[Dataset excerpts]
--------------------------------

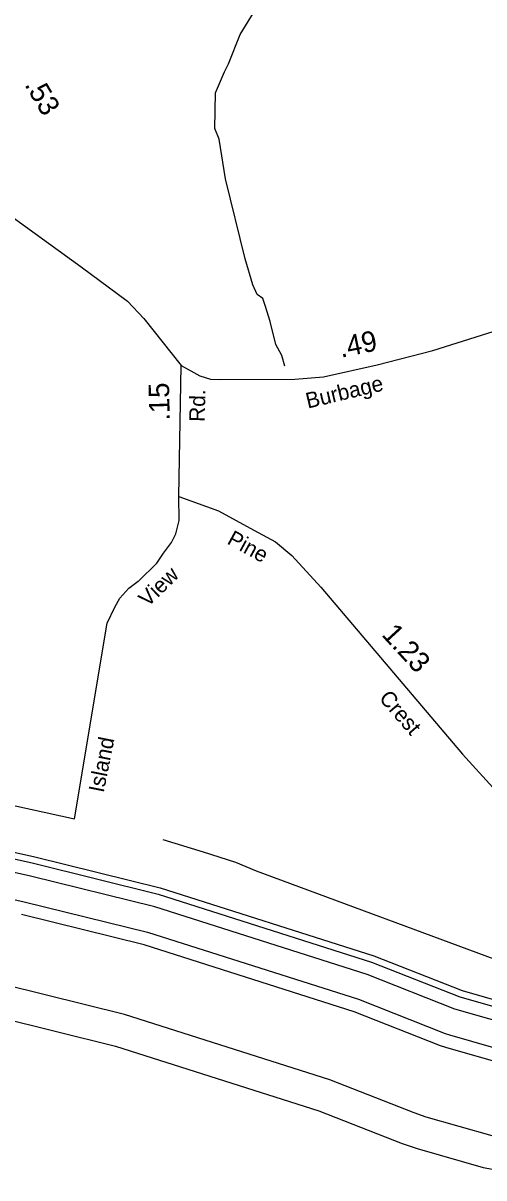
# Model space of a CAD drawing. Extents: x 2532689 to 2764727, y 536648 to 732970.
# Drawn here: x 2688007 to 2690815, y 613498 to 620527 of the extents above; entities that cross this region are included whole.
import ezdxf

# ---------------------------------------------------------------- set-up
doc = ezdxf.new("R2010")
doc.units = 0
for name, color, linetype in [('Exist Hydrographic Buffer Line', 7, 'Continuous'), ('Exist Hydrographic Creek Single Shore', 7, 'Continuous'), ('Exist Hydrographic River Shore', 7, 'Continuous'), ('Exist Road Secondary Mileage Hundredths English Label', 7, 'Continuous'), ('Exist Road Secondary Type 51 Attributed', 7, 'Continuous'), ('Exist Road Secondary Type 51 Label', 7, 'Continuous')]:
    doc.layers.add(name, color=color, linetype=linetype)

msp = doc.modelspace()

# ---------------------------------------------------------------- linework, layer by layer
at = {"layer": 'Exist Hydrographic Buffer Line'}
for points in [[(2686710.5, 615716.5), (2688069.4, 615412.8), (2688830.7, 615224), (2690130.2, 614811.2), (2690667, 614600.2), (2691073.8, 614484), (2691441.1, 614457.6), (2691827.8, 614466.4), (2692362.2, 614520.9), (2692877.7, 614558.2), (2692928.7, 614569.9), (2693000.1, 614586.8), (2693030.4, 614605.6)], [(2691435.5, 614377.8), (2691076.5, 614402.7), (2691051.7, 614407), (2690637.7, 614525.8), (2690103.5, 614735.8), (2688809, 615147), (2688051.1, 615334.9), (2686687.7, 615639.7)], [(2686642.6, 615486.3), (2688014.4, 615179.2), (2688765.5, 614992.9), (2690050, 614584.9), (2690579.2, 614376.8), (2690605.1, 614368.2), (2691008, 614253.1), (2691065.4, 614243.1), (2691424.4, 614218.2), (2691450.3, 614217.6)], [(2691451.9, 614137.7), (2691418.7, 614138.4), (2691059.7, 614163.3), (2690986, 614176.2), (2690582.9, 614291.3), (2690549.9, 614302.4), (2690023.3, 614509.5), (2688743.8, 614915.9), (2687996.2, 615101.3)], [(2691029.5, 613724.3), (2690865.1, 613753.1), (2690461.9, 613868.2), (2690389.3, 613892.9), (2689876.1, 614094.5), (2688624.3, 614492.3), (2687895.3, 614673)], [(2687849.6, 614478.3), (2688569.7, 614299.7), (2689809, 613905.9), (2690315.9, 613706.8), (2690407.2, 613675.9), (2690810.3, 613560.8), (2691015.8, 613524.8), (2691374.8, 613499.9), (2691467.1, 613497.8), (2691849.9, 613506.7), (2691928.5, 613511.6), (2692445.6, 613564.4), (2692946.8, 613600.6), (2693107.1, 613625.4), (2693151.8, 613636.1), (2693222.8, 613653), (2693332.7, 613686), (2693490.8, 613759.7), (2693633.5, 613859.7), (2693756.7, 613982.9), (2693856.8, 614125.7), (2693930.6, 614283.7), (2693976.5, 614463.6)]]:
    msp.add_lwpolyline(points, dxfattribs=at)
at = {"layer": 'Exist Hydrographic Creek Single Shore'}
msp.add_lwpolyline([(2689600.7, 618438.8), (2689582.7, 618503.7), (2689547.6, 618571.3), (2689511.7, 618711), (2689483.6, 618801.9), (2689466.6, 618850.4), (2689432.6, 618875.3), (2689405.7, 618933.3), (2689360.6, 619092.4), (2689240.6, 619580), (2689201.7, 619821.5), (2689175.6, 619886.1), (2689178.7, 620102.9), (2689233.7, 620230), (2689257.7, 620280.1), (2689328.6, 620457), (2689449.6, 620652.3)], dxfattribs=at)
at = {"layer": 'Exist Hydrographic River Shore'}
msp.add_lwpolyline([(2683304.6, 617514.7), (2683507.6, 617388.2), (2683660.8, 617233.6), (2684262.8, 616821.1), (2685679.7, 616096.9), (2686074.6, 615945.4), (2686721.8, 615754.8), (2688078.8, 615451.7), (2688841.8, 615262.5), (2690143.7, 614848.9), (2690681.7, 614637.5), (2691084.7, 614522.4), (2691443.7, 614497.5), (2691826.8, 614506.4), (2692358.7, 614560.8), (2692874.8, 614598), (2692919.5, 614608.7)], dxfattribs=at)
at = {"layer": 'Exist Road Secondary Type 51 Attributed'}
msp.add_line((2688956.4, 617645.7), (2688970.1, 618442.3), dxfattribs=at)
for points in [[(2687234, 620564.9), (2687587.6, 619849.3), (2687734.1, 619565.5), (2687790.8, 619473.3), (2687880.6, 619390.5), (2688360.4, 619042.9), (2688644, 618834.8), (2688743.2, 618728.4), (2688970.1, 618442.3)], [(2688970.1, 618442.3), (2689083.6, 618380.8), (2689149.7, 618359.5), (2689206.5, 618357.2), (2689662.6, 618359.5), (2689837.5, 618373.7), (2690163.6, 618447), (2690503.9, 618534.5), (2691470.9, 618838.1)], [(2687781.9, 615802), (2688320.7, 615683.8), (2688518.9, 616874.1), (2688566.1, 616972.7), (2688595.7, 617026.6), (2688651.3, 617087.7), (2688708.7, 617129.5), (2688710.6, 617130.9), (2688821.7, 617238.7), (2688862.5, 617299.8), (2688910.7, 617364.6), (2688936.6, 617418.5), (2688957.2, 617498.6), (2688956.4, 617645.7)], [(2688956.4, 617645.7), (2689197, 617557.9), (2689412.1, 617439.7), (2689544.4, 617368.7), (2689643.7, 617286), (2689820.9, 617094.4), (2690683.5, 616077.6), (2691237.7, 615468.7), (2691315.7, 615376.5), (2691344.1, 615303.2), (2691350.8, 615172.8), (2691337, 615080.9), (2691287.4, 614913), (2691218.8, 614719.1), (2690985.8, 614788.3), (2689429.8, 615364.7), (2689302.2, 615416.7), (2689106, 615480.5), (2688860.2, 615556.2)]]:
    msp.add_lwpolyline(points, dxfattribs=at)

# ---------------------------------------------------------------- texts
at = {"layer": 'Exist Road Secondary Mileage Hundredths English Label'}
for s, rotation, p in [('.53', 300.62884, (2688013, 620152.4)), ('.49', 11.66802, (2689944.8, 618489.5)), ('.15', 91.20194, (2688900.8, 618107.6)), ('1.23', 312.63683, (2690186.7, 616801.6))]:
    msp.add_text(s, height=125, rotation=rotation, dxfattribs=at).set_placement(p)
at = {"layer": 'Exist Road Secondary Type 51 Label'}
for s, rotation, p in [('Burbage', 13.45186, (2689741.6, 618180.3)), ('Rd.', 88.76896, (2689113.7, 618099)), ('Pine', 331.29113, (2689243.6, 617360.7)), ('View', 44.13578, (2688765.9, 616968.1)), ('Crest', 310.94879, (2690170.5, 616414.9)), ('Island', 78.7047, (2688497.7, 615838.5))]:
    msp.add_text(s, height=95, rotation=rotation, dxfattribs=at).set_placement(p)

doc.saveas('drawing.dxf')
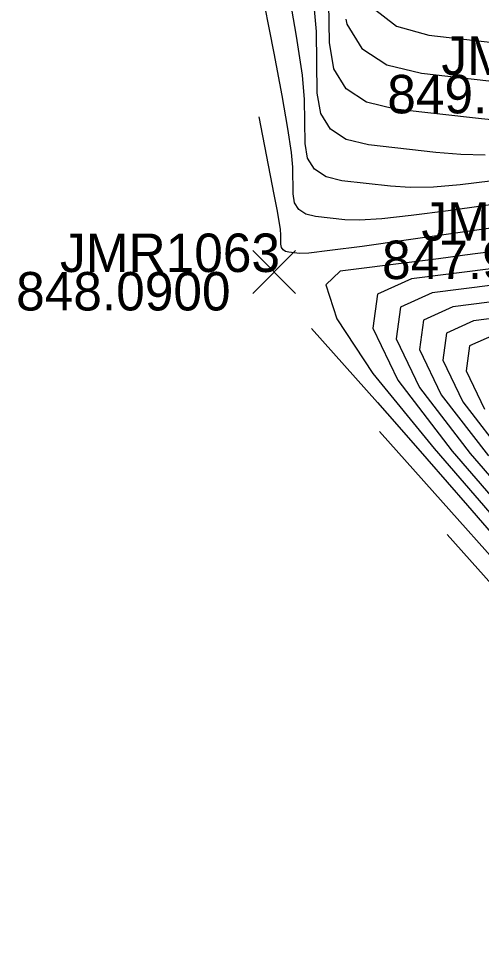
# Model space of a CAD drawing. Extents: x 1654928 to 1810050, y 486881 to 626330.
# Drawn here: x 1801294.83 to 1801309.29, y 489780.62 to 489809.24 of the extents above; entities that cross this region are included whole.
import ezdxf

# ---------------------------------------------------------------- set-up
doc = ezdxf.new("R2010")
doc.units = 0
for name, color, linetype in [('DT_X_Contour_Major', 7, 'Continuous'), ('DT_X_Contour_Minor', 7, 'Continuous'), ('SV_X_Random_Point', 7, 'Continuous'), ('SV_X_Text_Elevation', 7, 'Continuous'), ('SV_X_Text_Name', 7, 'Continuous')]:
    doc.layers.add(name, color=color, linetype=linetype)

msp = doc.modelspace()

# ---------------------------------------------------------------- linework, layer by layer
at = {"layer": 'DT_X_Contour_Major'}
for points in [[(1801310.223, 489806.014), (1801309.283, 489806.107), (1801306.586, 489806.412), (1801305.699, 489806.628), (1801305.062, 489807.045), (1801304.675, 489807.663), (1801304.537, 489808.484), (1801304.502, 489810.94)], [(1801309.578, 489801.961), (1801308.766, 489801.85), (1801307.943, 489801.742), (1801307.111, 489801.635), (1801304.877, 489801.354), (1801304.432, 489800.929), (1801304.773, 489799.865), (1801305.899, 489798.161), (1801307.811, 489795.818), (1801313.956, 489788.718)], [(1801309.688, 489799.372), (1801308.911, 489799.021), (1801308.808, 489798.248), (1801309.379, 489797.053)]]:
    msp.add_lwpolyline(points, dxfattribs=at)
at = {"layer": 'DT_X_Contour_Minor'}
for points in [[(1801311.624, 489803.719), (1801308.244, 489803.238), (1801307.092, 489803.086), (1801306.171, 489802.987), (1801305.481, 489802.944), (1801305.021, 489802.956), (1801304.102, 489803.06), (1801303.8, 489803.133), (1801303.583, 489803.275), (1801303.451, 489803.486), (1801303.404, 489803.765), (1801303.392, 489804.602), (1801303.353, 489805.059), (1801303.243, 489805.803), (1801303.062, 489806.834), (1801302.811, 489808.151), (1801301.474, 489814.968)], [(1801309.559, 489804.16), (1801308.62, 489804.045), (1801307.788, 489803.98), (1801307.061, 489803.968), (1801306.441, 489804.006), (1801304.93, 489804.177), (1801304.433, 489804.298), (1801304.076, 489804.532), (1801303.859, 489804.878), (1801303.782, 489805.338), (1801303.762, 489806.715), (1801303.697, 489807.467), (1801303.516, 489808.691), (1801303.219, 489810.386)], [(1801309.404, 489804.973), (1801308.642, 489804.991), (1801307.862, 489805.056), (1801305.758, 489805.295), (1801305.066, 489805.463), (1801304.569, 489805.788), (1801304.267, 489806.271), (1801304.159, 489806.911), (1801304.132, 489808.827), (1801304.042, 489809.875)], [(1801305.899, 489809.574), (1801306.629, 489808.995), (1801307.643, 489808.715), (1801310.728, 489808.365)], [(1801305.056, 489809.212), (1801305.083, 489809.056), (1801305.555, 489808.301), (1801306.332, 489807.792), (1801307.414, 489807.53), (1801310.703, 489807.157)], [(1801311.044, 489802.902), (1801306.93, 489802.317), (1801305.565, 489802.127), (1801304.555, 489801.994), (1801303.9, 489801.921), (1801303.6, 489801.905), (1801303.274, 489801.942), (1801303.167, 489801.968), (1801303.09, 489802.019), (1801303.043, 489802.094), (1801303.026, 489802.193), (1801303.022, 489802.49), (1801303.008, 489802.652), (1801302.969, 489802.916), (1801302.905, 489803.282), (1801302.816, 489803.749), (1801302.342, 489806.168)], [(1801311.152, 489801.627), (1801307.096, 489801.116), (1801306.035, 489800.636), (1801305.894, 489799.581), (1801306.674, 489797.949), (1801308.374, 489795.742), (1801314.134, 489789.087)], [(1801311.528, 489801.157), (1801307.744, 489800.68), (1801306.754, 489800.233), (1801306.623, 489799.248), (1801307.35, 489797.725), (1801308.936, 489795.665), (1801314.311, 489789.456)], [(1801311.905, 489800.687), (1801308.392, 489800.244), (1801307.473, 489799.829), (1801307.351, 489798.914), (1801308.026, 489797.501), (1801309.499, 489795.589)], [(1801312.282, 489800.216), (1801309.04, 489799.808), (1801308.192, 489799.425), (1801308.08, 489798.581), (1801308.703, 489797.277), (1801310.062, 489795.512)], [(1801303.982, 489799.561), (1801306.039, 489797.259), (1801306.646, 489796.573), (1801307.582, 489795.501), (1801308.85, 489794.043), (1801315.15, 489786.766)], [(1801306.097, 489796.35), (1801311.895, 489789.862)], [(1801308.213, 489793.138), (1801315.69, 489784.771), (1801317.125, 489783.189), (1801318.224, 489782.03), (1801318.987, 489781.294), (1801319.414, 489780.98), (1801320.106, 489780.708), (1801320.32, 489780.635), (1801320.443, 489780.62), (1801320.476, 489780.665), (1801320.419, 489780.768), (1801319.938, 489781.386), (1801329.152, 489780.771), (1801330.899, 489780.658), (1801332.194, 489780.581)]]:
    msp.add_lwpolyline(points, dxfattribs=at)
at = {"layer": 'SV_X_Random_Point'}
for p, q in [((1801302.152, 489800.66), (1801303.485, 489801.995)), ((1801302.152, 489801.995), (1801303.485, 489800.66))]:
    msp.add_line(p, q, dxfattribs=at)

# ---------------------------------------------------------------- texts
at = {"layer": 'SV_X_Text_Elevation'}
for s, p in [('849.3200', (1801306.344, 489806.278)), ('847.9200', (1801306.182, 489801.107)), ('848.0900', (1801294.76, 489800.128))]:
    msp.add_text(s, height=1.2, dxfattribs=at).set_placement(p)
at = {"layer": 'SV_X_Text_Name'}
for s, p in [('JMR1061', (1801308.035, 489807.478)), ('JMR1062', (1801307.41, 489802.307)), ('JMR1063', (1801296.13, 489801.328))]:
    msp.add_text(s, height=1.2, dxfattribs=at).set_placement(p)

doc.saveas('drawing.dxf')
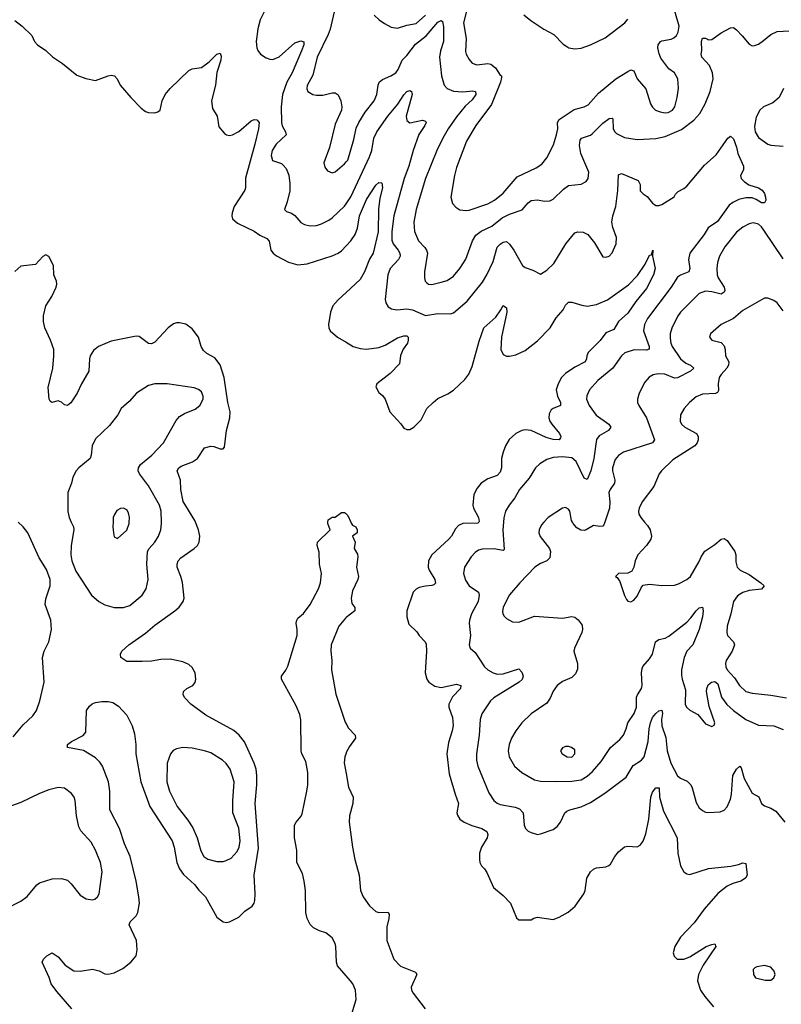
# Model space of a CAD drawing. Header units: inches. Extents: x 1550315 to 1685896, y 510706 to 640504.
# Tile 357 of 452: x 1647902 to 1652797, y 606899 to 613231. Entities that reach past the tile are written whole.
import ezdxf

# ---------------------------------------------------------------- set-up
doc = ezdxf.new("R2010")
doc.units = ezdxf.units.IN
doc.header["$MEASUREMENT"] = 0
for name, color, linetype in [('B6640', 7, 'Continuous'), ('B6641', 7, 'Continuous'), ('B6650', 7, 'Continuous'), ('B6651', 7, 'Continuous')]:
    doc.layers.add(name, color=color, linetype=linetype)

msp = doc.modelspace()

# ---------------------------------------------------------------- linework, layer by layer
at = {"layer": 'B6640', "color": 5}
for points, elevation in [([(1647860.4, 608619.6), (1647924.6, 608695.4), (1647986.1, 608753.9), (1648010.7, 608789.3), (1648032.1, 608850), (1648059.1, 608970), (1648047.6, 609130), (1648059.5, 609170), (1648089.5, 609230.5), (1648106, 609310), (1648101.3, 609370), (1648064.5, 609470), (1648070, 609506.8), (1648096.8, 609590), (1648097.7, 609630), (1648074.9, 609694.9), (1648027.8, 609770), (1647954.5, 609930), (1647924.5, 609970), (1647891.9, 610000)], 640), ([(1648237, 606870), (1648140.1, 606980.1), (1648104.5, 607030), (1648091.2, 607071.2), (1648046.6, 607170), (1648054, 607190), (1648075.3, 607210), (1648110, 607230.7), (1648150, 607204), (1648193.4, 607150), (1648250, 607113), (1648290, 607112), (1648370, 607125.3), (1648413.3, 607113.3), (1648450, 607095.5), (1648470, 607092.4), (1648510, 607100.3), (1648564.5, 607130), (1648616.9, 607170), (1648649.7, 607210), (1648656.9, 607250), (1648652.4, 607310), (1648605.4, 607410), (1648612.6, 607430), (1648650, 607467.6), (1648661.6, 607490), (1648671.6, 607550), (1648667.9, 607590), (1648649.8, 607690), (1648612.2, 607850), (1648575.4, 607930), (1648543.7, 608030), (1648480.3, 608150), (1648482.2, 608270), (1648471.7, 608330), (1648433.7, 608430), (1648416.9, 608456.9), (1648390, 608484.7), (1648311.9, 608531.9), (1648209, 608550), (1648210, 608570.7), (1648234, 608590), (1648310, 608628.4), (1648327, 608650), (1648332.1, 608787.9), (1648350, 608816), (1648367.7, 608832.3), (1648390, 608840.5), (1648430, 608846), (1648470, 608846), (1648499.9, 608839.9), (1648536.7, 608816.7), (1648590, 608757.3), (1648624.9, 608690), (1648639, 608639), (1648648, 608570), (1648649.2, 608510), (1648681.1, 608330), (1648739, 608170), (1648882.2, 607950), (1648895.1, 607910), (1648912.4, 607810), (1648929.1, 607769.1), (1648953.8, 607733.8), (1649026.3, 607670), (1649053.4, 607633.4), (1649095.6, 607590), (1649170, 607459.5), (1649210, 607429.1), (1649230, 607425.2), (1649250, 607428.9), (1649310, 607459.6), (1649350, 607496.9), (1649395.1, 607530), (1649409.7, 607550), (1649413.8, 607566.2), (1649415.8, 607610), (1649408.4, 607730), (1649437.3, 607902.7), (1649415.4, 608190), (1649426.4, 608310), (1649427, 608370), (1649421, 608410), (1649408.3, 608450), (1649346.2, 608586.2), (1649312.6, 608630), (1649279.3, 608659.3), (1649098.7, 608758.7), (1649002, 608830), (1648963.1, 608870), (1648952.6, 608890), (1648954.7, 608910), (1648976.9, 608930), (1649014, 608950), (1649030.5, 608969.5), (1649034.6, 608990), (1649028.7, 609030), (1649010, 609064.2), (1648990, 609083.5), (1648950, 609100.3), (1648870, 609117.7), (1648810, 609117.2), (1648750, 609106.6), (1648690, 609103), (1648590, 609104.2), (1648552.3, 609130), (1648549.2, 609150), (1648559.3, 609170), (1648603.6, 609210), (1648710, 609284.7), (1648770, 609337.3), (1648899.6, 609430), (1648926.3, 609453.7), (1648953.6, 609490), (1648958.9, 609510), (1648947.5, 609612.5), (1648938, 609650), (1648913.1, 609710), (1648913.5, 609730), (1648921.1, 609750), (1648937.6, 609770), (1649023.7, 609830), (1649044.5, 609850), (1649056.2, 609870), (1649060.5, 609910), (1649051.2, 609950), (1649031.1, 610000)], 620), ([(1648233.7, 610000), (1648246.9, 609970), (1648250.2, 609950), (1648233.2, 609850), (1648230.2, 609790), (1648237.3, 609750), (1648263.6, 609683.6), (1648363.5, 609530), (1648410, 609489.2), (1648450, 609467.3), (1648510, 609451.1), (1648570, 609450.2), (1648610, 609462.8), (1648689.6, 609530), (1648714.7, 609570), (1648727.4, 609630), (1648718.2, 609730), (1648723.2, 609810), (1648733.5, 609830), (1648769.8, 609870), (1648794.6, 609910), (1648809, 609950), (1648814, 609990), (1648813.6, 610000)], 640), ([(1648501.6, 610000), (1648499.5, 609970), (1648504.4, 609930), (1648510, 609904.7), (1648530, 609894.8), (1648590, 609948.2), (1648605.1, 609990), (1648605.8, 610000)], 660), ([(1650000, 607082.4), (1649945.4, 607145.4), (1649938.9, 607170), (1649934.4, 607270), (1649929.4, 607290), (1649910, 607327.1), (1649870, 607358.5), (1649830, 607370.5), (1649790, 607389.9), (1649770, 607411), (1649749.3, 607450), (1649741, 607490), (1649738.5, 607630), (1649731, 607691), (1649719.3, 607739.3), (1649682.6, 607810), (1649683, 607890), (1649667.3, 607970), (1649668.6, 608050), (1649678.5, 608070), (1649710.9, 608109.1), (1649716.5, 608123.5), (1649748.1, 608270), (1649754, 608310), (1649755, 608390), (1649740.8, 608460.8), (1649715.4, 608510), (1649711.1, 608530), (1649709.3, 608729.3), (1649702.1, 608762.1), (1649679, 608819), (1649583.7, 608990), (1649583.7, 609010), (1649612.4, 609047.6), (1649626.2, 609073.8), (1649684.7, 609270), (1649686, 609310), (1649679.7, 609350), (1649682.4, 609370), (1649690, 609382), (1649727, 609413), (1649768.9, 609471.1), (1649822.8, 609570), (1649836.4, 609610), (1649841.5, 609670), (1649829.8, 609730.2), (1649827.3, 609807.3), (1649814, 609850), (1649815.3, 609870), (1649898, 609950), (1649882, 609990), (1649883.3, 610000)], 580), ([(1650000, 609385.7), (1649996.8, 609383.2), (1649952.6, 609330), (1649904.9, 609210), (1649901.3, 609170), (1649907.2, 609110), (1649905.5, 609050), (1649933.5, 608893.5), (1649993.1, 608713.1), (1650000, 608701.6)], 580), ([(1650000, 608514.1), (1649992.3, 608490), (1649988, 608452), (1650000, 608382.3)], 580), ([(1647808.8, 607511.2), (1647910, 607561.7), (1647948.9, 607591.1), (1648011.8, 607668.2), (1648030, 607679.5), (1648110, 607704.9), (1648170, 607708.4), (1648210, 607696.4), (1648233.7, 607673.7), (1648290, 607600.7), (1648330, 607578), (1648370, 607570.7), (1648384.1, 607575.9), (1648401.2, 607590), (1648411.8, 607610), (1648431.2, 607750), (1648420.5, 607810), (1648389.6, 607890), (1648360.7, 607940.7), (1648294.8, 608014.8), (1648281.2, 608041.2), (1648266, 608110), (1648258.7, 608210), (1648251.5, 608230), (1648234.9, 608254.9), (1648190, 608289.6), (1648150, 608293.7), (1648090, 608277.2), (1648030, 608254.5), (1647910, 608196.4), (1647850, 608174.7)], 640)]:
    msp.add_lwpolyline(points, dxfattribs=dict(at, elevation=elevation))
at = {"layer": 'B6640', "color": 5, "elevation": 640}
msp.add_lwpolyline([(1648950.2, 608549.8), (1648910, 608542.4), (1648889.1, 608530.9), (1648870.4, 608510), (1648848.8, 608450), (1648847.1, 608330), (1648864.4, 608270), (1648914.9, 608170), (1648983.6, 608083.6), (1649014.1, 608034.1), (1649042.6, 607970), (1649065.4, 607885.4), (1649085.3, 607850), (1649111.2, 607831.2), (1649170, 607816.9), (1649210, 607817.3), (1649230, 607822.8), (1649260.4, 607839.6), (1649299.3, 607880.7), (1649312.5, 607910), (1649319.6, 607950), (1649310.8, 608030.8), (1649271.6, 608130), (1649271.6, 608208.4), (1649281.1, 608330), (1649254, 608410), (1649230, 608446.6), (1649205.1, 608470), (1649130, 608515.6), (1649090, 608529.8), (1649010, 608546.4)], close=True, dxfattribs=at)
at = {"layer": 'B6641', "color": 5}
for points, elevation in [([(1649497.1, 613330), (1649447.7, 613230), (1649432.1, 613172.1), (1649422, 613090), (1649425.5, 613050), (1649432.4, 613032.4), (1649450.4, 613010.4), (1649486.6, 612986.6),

--------------------------------

== INSTRUCTIONS FOR THE TASK ==
Reproduce every line in the records above that contains the word "cross".

== THE COMPLETED TASK ==
# Drawn here: x 2688007 to 2690815, y 613498 to 620527 of the extents above; entities that cross this region are included whole.
# Drawn here: x 1801294.83 to 1801309.29, y 489780.62 to 489809.24 of the extents above; entities that cross this region are included whole.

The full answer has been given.